**What to work on**
All lines with the word "wide" are to be found and copied from the listing.
══════════════════════════════
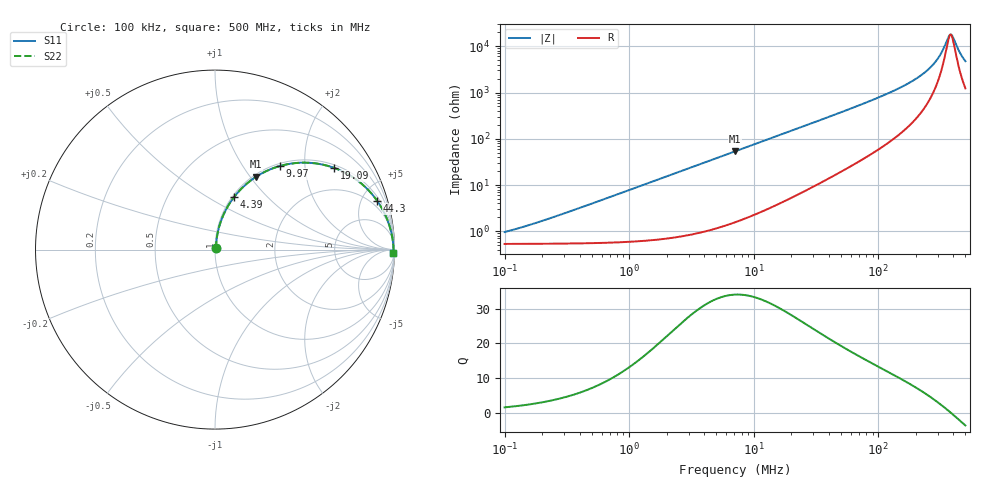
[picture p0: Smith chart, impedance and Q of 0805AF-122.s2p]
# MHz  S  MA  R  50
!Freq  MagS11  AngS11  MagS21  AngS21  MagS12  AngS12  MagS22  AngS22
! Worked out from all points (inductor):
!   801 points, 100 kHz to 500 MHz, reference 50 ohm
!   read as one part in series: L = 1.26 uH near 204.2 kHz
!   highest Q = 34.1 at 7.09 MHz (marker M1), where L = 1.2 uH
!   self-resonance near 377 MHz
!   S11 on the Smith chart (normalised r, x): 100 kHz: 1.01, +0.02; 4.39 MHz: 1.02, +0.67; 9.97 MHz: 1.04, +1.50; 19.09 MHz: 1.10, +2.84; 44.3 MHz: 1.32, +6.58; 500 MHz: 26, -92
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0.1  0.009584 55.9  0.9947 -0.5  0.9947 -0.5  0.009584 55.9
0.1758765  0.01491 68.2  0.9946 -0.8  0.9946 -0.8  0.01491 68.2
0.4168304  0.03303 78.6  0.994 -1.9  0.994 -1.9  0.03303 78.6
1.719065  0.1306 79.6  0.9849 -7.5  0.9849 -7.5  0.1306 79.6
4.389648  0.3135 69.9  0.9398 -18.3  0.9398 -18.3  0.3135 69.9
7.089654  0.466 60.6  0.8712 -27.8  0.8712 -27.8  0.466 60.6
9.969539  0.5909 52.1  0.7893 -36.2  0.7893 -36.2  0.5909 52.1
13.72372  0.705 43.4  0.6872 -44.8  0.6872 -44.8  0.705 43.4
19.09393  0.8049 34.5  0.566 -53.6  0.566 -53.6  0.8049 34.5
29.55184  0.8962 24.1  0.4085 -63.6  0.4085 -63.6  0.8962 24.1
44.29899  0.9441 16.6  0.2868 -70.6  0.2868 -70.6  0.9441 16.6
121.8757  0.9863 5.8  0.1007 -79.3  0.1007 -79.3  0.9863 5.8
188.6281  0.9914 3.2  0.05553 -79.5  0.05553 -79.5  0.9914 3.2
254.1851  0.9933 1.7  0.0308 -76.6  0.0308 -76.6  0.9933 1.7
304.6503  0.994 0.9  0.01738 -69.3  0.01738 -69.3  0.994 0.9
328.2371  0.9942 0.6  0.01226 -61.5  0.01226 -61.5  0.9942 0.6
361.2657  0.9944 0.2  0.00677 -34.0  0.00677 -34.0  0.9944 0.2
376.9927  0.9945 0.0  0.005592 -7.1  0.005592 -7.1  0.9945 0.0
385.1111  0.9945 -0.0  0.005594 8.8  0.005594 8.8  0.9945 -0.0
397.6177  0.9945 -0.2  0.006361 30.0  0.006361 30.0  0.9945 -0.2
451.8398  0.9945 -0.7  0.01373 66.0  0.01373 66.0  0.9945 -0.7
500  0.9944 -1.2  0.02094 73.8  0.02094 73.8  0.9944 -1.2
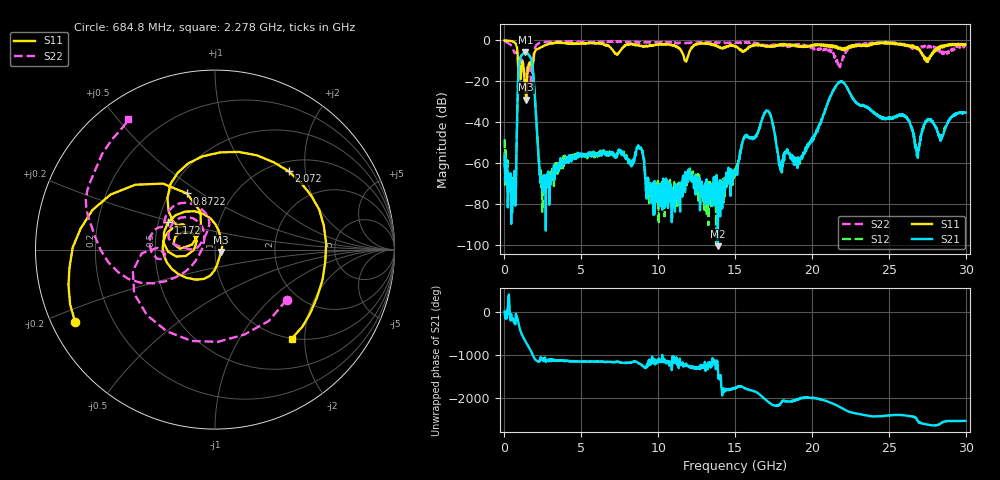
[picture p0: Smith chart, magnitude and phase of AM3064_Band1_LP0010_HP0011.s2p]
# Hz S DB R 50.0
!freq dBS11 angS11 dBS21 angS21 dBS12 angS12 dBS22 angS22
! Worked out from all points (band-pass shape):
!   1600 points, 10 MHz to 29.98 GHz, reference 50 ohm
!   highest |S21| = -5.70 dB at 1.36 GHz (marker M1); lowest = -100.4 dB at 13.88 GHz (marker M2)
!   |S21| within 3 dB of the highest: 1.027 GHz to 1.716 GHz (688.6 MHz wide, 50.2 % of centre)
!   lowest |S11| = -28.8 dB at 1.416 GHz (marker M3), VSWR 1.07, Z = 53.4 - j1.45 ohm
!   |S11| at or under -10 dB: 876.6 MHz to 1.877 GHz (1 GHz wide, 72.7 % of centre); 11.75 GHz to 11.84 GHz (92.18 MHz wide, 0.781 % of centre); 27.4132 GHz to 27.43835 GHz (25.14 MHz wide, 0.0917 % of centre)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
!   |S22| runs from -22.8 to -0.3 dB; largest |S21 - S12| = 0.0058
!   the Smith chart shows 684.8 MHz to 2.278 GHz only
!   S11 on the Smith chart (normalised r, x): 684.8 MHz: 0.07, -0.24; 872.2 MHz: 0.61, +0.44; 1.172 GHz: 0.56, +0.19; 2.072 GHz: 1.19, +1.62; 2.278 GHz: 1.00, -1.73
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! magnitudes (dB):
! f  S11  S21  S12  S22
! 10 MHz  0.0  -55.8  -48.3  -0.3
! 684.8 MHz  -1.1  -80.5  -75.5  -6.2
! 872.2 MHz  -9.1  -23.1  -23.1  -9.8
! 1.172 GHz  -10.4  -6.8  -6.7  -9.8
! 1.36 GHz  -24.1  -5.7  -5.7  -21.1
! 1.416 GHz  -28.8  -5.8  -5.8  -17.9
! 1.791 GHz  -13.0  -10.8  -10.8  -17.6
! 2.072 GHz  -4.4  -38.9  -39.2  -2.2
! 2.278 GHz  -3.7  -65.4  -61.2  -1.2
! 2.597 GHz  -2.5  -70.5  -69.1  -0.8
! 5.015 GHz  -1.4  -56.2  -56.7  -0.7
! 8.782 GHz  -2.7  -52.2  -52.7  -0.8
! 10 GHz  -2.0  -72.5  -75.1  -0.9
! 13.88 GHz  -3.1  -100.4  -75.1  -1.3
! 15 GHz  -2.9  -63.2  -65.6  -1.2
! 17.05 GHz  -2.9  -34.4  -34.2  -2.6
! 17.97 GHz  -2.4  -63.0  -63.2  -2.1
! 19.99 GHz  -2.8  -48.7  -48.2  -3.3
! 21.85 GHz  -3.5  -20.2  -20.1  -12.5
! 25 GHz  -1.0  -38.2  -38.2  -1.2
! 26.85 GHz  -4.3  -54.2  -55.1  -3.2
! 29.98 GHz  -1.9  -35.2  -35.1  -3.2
══════════════════════════════
**Answer to this exercise**
!   |S21| within 3 dB of the highest: 1.027 GHz to 1.716 GHz (688.6 MHz wide, 50.2 % of centre)
!   |S11| at or under -10 dB: 876.6 MHz to 1.877 GHz (1 GHz wide, 72.7 % of centre); 11.75 GHz to 11.84 GHz (92.18 MHz wide, 0.781 % of centre); 27.4132 GHz to 27.43835 GHz (25.14 MHz wide, 0.0917 % of centre)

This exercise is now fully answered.